La asociación de compañías de seguridad privada, sin

embargo, cree que
se podría hacer una excepción a esta norma. "Nosotros no queremos que
haya vigilantes en las calles -señaló ayer en Murcia su presidente,
Eduardo Cobas-, pero sí creemos que puede haberlos en las calles de las
zonas comerciales de las grandes ciudades", matizó. "No se trata de
arrebatar competencias a las fuerzas de seguridad, sino de importar un
modelo que ya existe en algunos países europeos como Suecia".
De hecho, otro de los datos del estudio revela que casi la mitad de los
encuestados (48,6%) ve con buenos ojos que los responsables de la
seguridad privada vigilen las calles "para disuadir a posibles
delincuentes".
Esta medida es una de las planteadas por el
presidente de Aproser -formada por 13 empresas de vigilancia privada que
abarcan cerca del 80% del mercado- durante una radiografía a este
sector presentada ayer en Murcia. Junto a él estuvieron los
representantes en la zona de Murcia y Levante de tres de estas grandes
compañías: Luis Trullenque, de Segurisa; Vicente Lara, de Segur Ibérica;
y Fernando Lucas, de Securitas.
Otra de sus quejas hace hincapié en
el excesivo intrusismo que soporta este sector, especialmente en
Murcia, donde operan 61 compañías con cerca de 2.300 trabajadores. En
concreto, según las estimaciones hechas ayer por los responsables de las
empresas de seguridad, este tipo de servicios podría suponer un 15%. Se
trataría de los porteros de discoteca, recepcionistas, celadores,
cuidadores o auxiliares a los que se les encargan labores de vigilancia.

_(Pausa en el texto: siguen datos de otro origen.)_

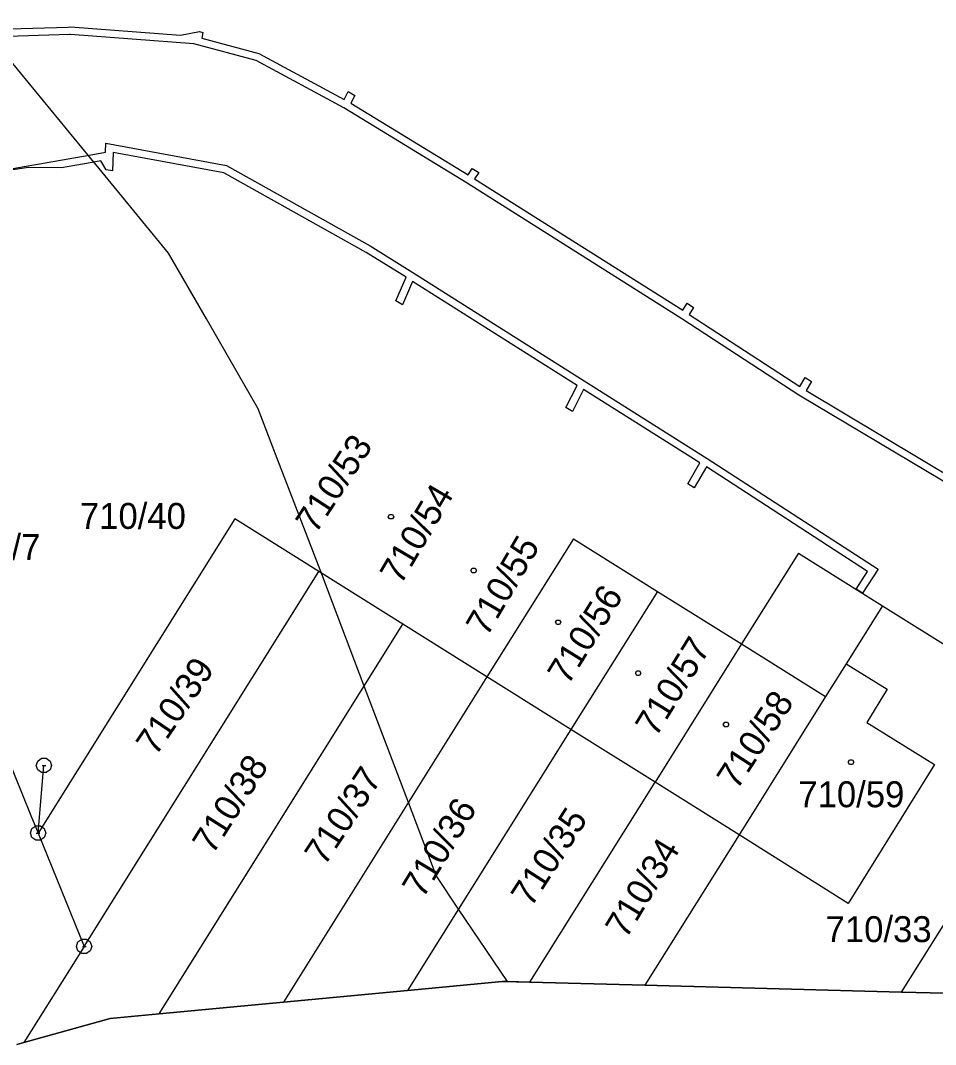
# Model space of a CAD drawing. Extents: x -759699 to -757730, y -1172308 to -1170857.
# Drawn here: x -757903.5 to -757843.5, y -1171040.2 to -1170973.1 of the extents above; entities that cross this region are included whole.
import ezdxf

# ---------------------------------------------------------------- set-up
doc = ezdxf.new("R2010")
doc.units = 0
for name, color, linetype in [('Vrstva 1', 7, 'Continuous'), ('Vrstva 11', 7, 'Continuous'), ('Vrstva 12', 7, 'Continuous'), ('Vrstva 13', 7, 'Continuous'), ('Vrstva 2', 7, 'Continuous'), ('Vrstva 4', 7, 'Continuous'), ('Vrstva 5', 7, 'Continuous'), ('Vrstva 8', 7, 'Continuous')]:
    doc.layers.add(name, color=color, linetype=linetype)

msp = doc.modelspace()

# ---------------------------------------------------------------- linework, layer by layer
at = {"layer": 'Vrstva 1'}
for p, q in [((-757911.47, -1171003.78), (-757902.77, -1171025.17)), ((-757889.4, -1171005.74), (-757902.3, -1171026.33)), ((-757889.4, -1171005.74), (-757889.4, -1171005.74)), ((-757889.4, -1171005.74), (-757889.4, -1171005.74)), ((-757883.89, -1171009.19), (-757889.4, -1171005.74)), ((-757867.2, -1171007.05), (-757872.87, -1171016.09)), ((-757867.2, -1171007.05), (-757867.2, -1171007.05)), ((-757852.45, -1171007.98), (-757856.18, -1171013.93)), ((-757852.45, -1171007.98), (-757852.45, -1171007.98)), ((-757852.45, -1171007.98), (-757846.94, -1171011.43)), ((-757899.28, -1171033.76), (-757883.89, -1171009.19)), ((-757883.89, -1171009.19), (-757883.89, -1171009.19)), ((-757878.38, -1171012.64), (-757883.89, -1171009.19)), ((-757861.69, -1171010.49), (-757867.36, -1171019.54)), ((-757861.69, -1171010.49), (-757861.69, -1171010.49)), ((-757846.94, -1171011.43), (-757849.32, -1171015.23)), ((-757846.94, -1171011.43), (-757834.65, -1171019.13)), ((-757894.37, -1171038.17), (-757878.38, -1171012.64)), ((-757878.38, -1171012.64), (-757878.38, -1171012.64)), ((-757872.87, -1171016.09), (-757878.38, -1171012.64)), ((-757856.18, -1171013.93), (-757861.85, -1171022.99)), ((-757849.32, -1171015.23), (-757850.66, -1171017.37)), ((-757849.32, -1171015.23), (-757846.62, -1171016.9)), ((-757872.87, -1171016.09), (-757886.22, -1171037.4)), ((-757867.36, -1171019.54), (-757872.87, -1171016.09)), ((-757846.62, -1171016.9), (-757847.97, -1171019.07)), ((-757850.66, -1171017.37), (-757856.34, -1171026.44)), ((-757847.97, -1171019.07), (-757843.53, -1171021.83)), ((-757845.69, -1171036.74), (-757834.65, -1171019.13)), ((-757867.36, -1171019.54), (-757878.07, -1171036.63)), ((-757861.85, -1171022.99), (-757867.36, -1171019.54)), ((-757843.53, -1171021.83), (-757849.18, -1171030.93)), ((-757902.3, -1171026.33), (-757901.92, -1171021.9)), ((-757901.92, -1171021.9), (-757901.92, -1171021.9)), ((-757870.06, -1171036.1), (-757861.85, -1171022.99)), ((-757856.34, -1171026.44), (-757861.85, -1171022.99)), ((-757902.77, -1171025.17), (-757902.3, -1171026.33)), ((-757902.3, -1171026.33), (-757899.28, -1171033.76)), ((-757856.34, -1171026.44), (-757862.52, -1171036.3)), ((-757849.18, -1171030.93), (-757856.34, -1171026.44)), ((-757899.28, -1171033.76), (-757903.23, -1171040.05)), ((-757878.07, -1171036.63), (-757871.88, -1171036.05)), ((-757871.88, -1171036.05), (-757870.06, -1171036.1)), ((-757870.06, -1171036.1), (-757862.52, -1171036.3)), ((-757862.52, -1171036.3), (-757845.69, -1171036.74)), ((-757886.22, -1171037.4), (-757878.07, -1171036.63)), ((-757845.69, -1171036.74), (-757838.3, -1171036.94)), ((-757894.37, -1171038.17), (-757886.22, -1171037.4)), ((-757903.23, -1171040.05), (-757897.57, -1171038.47)), ((-757897.57, -1171038.47), (-757894.37, -1171038.17)), ((-757903.69, -1171040.18), (-757903.23, -1171040.05))]:
    msp.add_line(p, q, dxfattribs=at)
at = {"layer": 'Vrstva 11'}
for p, q in [((-757898.94, -1170982), (-757906.28, -1170973.07)), ((-757898.3, -1170982.77), (-757898.94, -1170982)), ((-757893.75, -1170988.31), (-757898.3, -1170982.77)), ((-757891.27, -1170992.62), (-757893.75, -1170988.31)), ((-757887.88, -1170998.52), (-757891.27, -1170992.62)), ((-757886.74, -1171001.49), (-757887.88, -1170998.52)), ((-757883.81, -1171009.07), (-757886.74, -1171001.49)), ((-757883.73, -1171009.29), (-757883.81, -1171009.07)), ((-757883.3, -1171010.41), (-757883.73, -1171009.29)), ((-757880.92, -1171016.69), (-757883.3, -1171010.41)), ((-757878.02, -1171024.32), (-757880.92, -1171016.69)), ((-757876.21, -1171029.11), (-757878.02, -1171024.32)), ((-757874.73, -1171031.3), (-757876.21, -1171029.11)), ((-757871.53, -1171036.06), (-757874.73, -1171031.3)), ((-757871.88, -1171036.05), (-757878.07, -1171036.63)), ((-757871.53, -1171036.06), (-757871.88, -1171036.05)), ((-757870.06, -1171036.1), (-757871.53, -1171036.06)), ((-757862.52, -1171036.3), (-757870.06, -1171036.1)), ((-757845.69, -1171036.74), (-757862.52, -1171036.3)), ((-757878.07, -1171036.63), (-757886.22, -1171037.4)), ((-757838.3, -1171036.94), (-757845.69, -1171036.74)), ((-757886.22, -1171037.4), (-757894.37, -1171038.17)), ((-757897.57, -1171038.47), (-757903.23, -1171040.05)), ((-757894.37, -1171038.17), (-757897.57, -1171038.47)), ((-757903.23, -1171040.05), (-757903.69, -1171040.18))]:
    msp.add_line(p, q, dxfattribs=at)
at = {"layer": 'Vrstva 12'}
for p, q in [((-757889.4, -1171005.74), (-757889.4, -1171005.74)), ((-757889.4, -1171005.74), (-757889.4, -1171005.74)), ((-757883.89, -1171009.19), (-757889.4, -1171005.74)), ((-757889.4, -1171005.74), (-757889.4, -1171005.74)), ((-757867.2, -1171007.05), (-757872.87, -1171016.09)), ((-757867.2, -1171007.05), (-757872.87, -1171016.09)), ((-757867.2, -1171007.05), (-757867.2, -1171007.05)), ((-757867.2, -1171007.05), (-757861.69, -1171010.49)), ((-757883.89, -1171009.19), (-757883.89, -1171009.19)), ((-757883.89, -1171009.19), (-757883.89, -1171009.19)), ((-757878.38, -1171012.64), (-757883.89, -1171009.19)), ((-757861.69, -1171010.49), (-757867.36, -1171019.54)), ((-757861.69, -1171010.49), (-757867.36, -1171019.54)), ((-757861.69, -1171010.49), (-757856.18, -1171013.93)), ((-757878.38, -1171012.64), (-757878.38, -1171012.64)), ((-757878.38, -1171012.64), (-757878.38, -1171012.64)), ((-757872.87, -1171016.09), (-757878.38, -1171012.64)), ((-757856.18, -1171013.93), (-757861.85, -1171022.99)), ((-757856.18, -1171013.93), (-757861.85, -1171022.99)), ((-757856.18, -1171013.93), (-757850.66, -1171017.37)), ((-757849.32, -1171015.23), (-757850.66, -1171017.37)), ((-757849.32, -1171015.23), (-757846.62, -1171016.9)), ((-757867.36, -1171019.54), (-757872.87, -1171016.09)), ((-757846.62, -1171016.9), (-757847.97, -1171019.07)), ((-757850.66, -1171017.37), (-757856.34, -1171026.44)), ((-757850.66, -1171017.37), (-757856.34, -1171026.44)), ((-757847.97, -1171019.07), (-757843.53, -1171021.83)), ((-757861.85, -1171022.99), (-757867.36, -1171019.54)), ((-757843.53, -1171021.83), (-757849.18, -1171030.93)), ((-757856.34, -1171026.44), (-757861.85, -1171022.99)), ((-757849.18, -1171030.93), (-757856.34, -1171026.44))]:
    msp.add_line(p, q, dxfattribs=at)
at = {"layer": 'Vrstva 13'}
for p, q in [((-757907.79, -1170973.72), (-757900.34, -1170973.5)), ((-757900.34, -1170973.5), (-757900.17, -1170973.49)), ((-757900.17, -1170973.49), (-757892.96, -1170974.04)), ((-757900.25, -1170973.99), (-757907.9, -1170974.22)), ((-757900.19, -1170973.99), (-757900.25, -1170973.99)), ((-757892.1, -1170974.6), (-757900.19, -1170973.99)), ((-757892.96, -1170974.04), (-757891.72, -1170973.79)), ((-757891.72, -1170973.79), (-757891.51, -1170973.85)), ((-757891.51, -1170973.85), (-757891.56, -1170974.22)), ((-757888.01, -1170975.7), (-757892.1, -1170974.6)), ((-757891.56, -1170974.22), (-757887.83, -1170975.24)), ((-757887.83, -1170975.24), (-757882.24, -1170978.24)), ((-757882.25, -1170978.8), (-757888.01, -1170975.7)), ((-757882.24, -1170978.24), (-757881.98, -1170977.73)), ((-757881.98, -1170977.73), (-757881.54, -1170977.99)), ((-757881.54, -1170977.99), (-757881.8, -1170978.49)), ((-757874.16, -1170983.73), (-757882.25, -1170978.8)), ((-757881.8, -1170978.49), (-757874.11, -1170983.18)), ((-757897.89, -1170981.71), (-757897.87, -1170981.12)), ((-757897.87, -1170981.12), (-757889.95, -1170982.58)), ((-757913.28, -1170984.39), (-757898.96, -1170981.9)), ((-757898.96, -1170981.9), (-757897.89, -1170981.71)), ((-757897.39, -1170981.72), (-757897.42, -1170982.92)), ((-757890.13, -1170983.06), (-757897.39, -1170981.72)), ((-757902.93, -1170982.7), (-757907.3, -1170983.37)), ((-757900.78, -1170982.72), (-757902.93, -1170982.7)), ((-757898.88, -1170982.39), (-757900.78, -1170982.72)), ((-757898.18, -1170982.27), (-757898.88, -1170982.39)), ((-757897.85, -1170982.85), (-757898.18, -1170982.27)), ((-757897.42, -1170982.92), (-757897.85, -1170982.85)), ((-757889.95, -1170982.58), (-757880.53, -1170987.83)), ((-757874.11, -1170983.18), (-757873.84, -1170982.77)), ((-757873.84, -1170982.77), (-757873.41, -1170983.04)), ((-757880.79, -1170988.27), (-757890.13, -1170983.06)), ((-757873.41, -1170983.04), (-757873.68, -1170983.45)), ((-757873.68, -1170983.45), (-757860.03, -1170992.06)), ((-757860.09, -1170992.62), (-757874.16, -1170983.73)), ((-757878.17, -1170989.9), (-757880.79, -1170988.27)), ((-757880.53, -1170987.83), (-757877.73, -1170989.59)), ((-757877.73, -1170989.59), (-757866.5, -1170996.69)), ((-757878.84, -1170991.44), (-757878.17, -1170989.9)), ((-757877.75, -1170990.17), (-757878.41, -1170991.71)), ((-757866.96, -1170996.99), (-757877.75, -1170990.17)), ((-757878.41, -1170991.71), (-757878.84, -1170991.44)), ((-757860.03, -1170992.06), (-757859.75, -1170991.6)), ((-757859.75, -1170991.6), (-757859.33, -1170991.87)), ((-757859.33, -1170991.87), (-757859.61, -1170992.33)), ((-757852.41, -1170997.62), (-757860.09, -1170992.62)), ((-757859.61, -1170992.33), (-757852.36, -1170997.06)), ((-757867.69, -1170998.43), (-757866.96, -1170996.99)), ((-757866.5, -1170996.69), (-757858.43, -1171001.77)), ((-757852.36, -1170997.06), (-757852, -1170996.46)), ((-757852, -1170996.46), (-757851.58, -1170996.73)), ((-757851.58, -1170996.73), (-757851.94, -1170997.32)), ((-757866.53, -1170997.26), (-757867.26, -1170998.69)), ((-757858.9, -1171002.06), (-757866.53, -1170997.26)), ((-757840.99, -1171004.45), (-757852.41, -1170997.62)), ((-757851.94, -1170997.32), (-757841.13, -1171003.79)), ((-757867.26, -1170998.69), (-757867.69, -1170998.43)), ((-757859.7, -1171003.44), (-757858.9, -1171002.06)), ((-757858.48, -1171002.33), (-757859.28, -1171003.7)), ((-757847.91, -1171009.17), (-757858.48, -1171002.33)), ((-757858.43, -1171001.77), (-757847.21, -1171009.03)), ((-757859.28, -1171003.7), (-757859.7, -1171003.44)), ((-757847.21, -1171009.03), (-757848.25, -1171010.61)), ((-757848.67, -1171010.34), (-757847.91, -1171009.17)), ((-757848.25, -1171010.61), (-757848.67, -1171010.34))]:
    msp.add_line(p, q, dxfattribs=at)
at = {"layer": 'Vrstva 4'}
for p, q in [((-757867.2, -1171007.05), (-757867.2, -1171007.05)), ((-757867.2, -1171007.05), (-757861.69, -1171010.49)), ((-757861.69, -1171010.49), (-757856.18, -1171013.93)), ((-757856.18, -1171013.93), (-757850.66, -1171017.37))]:
    msp.add_line(p, q, dxfattribs=at)
at = {"layer": 'Vrstva 5'}
for points in [[(-757879.07, -1171005.44), (-757878.98, -1171005.59), (-757879.07, -1171005.74), (-757879.25, -1171005.74), (-757879.34, -1171005.59), (-757879.25, -1171005.44)], [(-757873.65, -1171008.96), (-757873.56, -1171009.11), (-757873.65, -1171009.26), (-757873.83, -1171009.26), (-757873.92, -1171009.11), (-757873.83, -1171008.96)], [(-757868.11, -1171012.36), (-757868.02, -1171012.51), (-757868.11, -1171012.66), (-757868.29, -1171012.66), (-757868.38, -1171012.51), (-757868.29, -1171012.36)], [(-757862.86, -1171015.7), (-757862.77, -1171015.85), (-757862.86, -1171016), (-757863.04, -1171016), (-757863.13, -1171015.85), (-757863.04, -1171015.7)], [(-757857.1, -1171019.05), (-757857.01, -1171019.2), (-757857.1, -1171019.35), (-757857.28, -1171019.35), (-757857.37, -1171019.2), (-757857.28, -1171019.05)], [(-757848.91, -1171021.53), (-757848.82, -1171021.68), (-757848.91, -1171021.83), (-757849.09, -1171021.83), (-757849.18, -1171021.68), (-757849.09, -1171021.53)]]:
    msp.add_lwpolyline(points, close=True, dxfattribs=at)
at = {"layer": 'Vrstva 8'}
for p, q in [((-757902.04, -1171021.9), (-757901.8, -1171021.9)), ((-757902.42, -1171026.33), (-757902.18, -1171026.33)), ((-757899.4, -1171033.76), (-757899.16, -1171033.76))]:
    msp.add_line(p, q, dxfattribs=at)
for points in [[(-757901.77, -1171021.42), (-757901.52, -1171021.6), (-757901.42, -1171021.89), (-757901.52, -1171022.18), (-757901.77, -1171022.36), (-757902.08, -1171022.36), (-757902.33, -1171022.18), (-757902.43, -1171021.89), (-757902.33, -1171021.6), (-757902.08, -1171021.42)], [(-757902.15, -1171025.85), (-757901.9, -1171026.03), (-757901.8, -1171026.32), (-757901.9, -1171026.61), (-757902.15, -1171026.79), (-757902.46, -1171026.79), (-757902.71, -1171026.61), (-757902.81, -1171026.32), (-757902.71, -1171026.03), (-757902.46, -1171025.85)], [(-757899.13, -1171033.28), (-757898.88, -1171033.46), (-757898.78, -1171033.75), (-757898.88, -1171034.04), (-757899.13, -1171034.22), (-757899.44, -1171034.22), (-757899.69, -1171034.04), (-757899.79, -1171033.75), (-757899.69, -1171033.46), (-757899.44, -1171033.28)]]:
    msp.add_lwpolyline(points, close=True, dxfattribs=at)

# ---------------------------------------------------------------- texts
at = {"layer": 'Vrstva 2'}
for s, rotation, p in [('710/53', 56.95201, (-757884.101, -1171006.771)), ('710/54', 59.53031, (-757878.52, -1171010.115)), ('710/55', 59.7022, (-757872.87, -1171013.515)), ('710/56', 58.21251, (-757867.555, -1171016.688)), ('710/57', 58.3271, (-757861.795, -1171020.098)), ('710/39', 55.80609, (-757894.587, -1171021.334)), ('710/58', 56.95201, (-757856.481, -1171023.561)), ('710/38', 57.75414, (-757890.853, -1171027.789)), ('710/37', 56.60823, (-757883.519, -1171028.542)), ('710/36', 58.95736, (-757877.068, -1171030.667)), ('710/35', 57.29578, (-757869.972, -1171031.25)), ('710/34', 58.95736, (-757863.748, -1171033.317))]:
    msp.add_text(s, height=1.7, rotation=rotation, dxfattribs=at).set_placement(p)
for s, p in [('710/40', (-757899.563, -1171006.39)), ('709/7', (-757907.843, -1171008.43)), ('710/59', (-757852.453, -1171024.63)), ('710/33', (-757850.663, -1171033.47))]:
    msp.add_text(s, height=1.7, dxfattribs=at).set_placement(p)

doc.saveas('drawing.dxf')

"Nosotros estamos sometidos a una legislación muy estricta y tenemos
que mantener un elevado nivel de formación, pero estos colectivos no",
denunciaron.
Esto, además de suponer una merma en sus ingresos,
les produce una mala publicidad de la que están empeñados en escapar.
"No tenemos nada contra un portero de discoteca, pero es algo muy
diferente al servicio que nosotros ofrecemos", subrayó Cobas. La mayoría
de las empresas de seguridad privada, de hecho, prefieren huir del
sector del ocio nocturno. "Es un sector que suele ser más conflictivo",
señaló Trullenque.
Los responsables de Aproser también
incidieron en la necesidad de que los profesionales de la seguridad
privada, como sucede desde hace apenas unos meses con médicos y
profesores, sean considerados como agentes de la autoridad. El mismo
informe refleja que siete de cada diez murcianos está de acuerdo con
esta pretensión, ya que consideran que la actual legislación "no protege
al vigilante de un presunto delincuente".